TLDR: Claimed to have deleted everything on 2017-06-08, but they lied.

0\. 2017-06-06: Mendeley <mendeley@mail.elsevier.com> email me "Paul,
important changes to your Mendeley account ..." I log on and 'delete' my
account.

1\. 2017-06-07: Mendeley <mendeley@mail.elsevier.com> me "We have deleted your
Mendeley profile and data, to delete your full Elsevier account, please email
usinfo@elsevier.com"

2\. 2017-06-07: I reply to Elsevier <usinfo@elsevier.com> "Please do that for
me now - if you've created one for me delete my full Elsevier account from all
databases and backups that you have on me, including cold storage."

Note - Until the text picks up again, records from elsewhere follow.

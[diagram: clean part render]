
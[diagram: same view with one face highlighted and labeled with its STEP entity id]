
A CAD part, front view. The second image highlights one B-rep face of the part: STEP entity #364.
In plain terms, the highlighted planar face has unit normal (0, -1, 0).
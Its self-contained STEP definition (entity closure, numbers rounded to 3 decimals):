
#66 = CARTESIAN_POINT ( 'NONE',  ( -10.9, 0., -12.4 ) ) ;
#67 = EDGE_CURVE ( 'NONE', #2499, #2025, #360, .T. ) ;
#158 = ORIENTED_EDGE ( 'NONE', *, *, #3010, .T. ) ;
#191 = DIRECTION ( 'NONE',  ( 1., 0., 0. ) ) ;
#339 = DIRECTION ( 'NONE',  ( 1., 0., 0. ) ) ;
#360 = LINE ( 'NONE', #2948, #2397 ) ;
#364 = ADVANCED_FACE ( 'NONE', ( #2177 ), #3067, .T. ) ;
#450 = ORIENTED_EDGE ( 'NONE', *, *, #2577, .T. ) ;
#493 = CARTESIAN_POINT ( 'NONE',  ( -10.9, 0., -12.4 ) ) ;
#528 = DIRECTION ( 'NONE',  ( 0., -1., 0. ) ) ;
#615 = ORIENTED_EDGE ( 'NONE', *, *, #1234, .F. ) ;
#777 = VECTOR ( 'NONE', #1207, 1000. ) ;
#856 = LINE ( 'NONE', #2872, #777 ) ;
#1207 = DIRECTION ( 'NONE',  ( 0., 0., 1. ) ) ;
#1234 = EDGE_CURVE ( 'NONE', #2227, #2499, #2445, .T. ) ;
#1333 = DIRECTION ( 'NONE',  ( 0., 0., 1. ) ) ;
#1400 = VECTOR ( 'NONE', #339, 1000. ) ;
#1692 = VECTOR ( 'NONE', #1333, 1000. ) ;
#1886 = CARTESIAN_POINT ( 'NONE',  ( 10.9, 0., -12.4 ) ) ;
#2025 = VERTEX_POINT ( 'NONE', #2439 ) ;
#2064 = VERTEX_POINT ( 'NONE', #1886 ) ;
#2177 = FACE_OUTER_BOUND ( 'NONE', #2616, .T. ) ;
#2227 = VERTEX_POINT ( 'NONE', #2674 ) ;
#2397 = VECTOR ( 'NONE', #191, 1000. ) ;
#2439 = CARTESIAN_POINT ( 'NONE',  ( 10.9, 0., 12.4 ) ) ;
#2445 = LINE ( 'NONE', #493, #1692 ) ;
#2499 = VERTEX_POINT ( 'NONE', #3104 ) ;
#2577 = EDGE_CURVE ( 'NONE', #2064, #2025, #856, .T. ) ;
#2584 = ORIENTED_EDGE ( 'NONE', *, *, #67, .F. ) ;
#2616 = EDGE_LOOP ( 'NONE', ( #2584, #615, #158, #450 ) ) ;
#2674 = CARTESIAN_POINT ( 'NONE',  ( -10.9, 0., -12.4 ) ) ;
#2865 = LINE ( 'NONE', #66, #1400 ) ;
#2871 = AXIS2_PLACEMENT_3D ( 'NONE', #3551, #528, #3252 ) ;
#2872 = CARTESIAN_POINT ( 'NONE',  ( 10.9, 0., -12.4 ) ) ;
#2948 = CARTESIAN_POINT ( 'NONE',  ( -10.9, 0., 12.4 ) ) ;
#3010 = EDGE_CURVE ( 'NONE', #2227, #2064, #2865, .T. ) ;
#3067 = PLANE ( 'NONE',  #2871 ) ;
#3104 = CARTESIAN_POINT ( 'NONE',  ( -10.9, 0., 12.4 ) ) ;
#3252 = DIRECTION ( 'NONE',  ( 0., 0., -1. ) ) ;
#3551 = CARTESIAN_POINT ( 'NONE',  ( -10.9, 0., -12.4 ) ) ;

3\. 2017-06-07: Elsevier <usinfo@elsevier.com> email me a ticket number

4\. 2017-06-08: ELS-Mendeley Support<support@mendeley.com> email me "This
email is to acknowledge the request and to confirm that we have already
removed your email address from our database. We have cleared out all data
associated with your account across all Mendeley servers. You shouldn’t be
receiving any more emails from Mendeley moving forward. Apologies for any
inconvenience this may have caused you."

5\. 2017-06-11: Elsevier Customer Feedback <research@surveys.elsevier.com>
"According to our records you recently contacted <NAME REDACTED> in Elsevier
Customer Support. The ID of the support query was 170607-010708. We want to
improve the service we provide you. In order to evaluate our current service,
we are conducting a brief (3-4 minute) survey. This asks a few questions about
your most recent experience of contacting us. Your feedback would be very
valuable. ..." I don't click on the link

6\. 2017-06-15: Mendeley <mendeley@mail.elsevier.com> email me "Paul,
important changes to your Mendeley account" ...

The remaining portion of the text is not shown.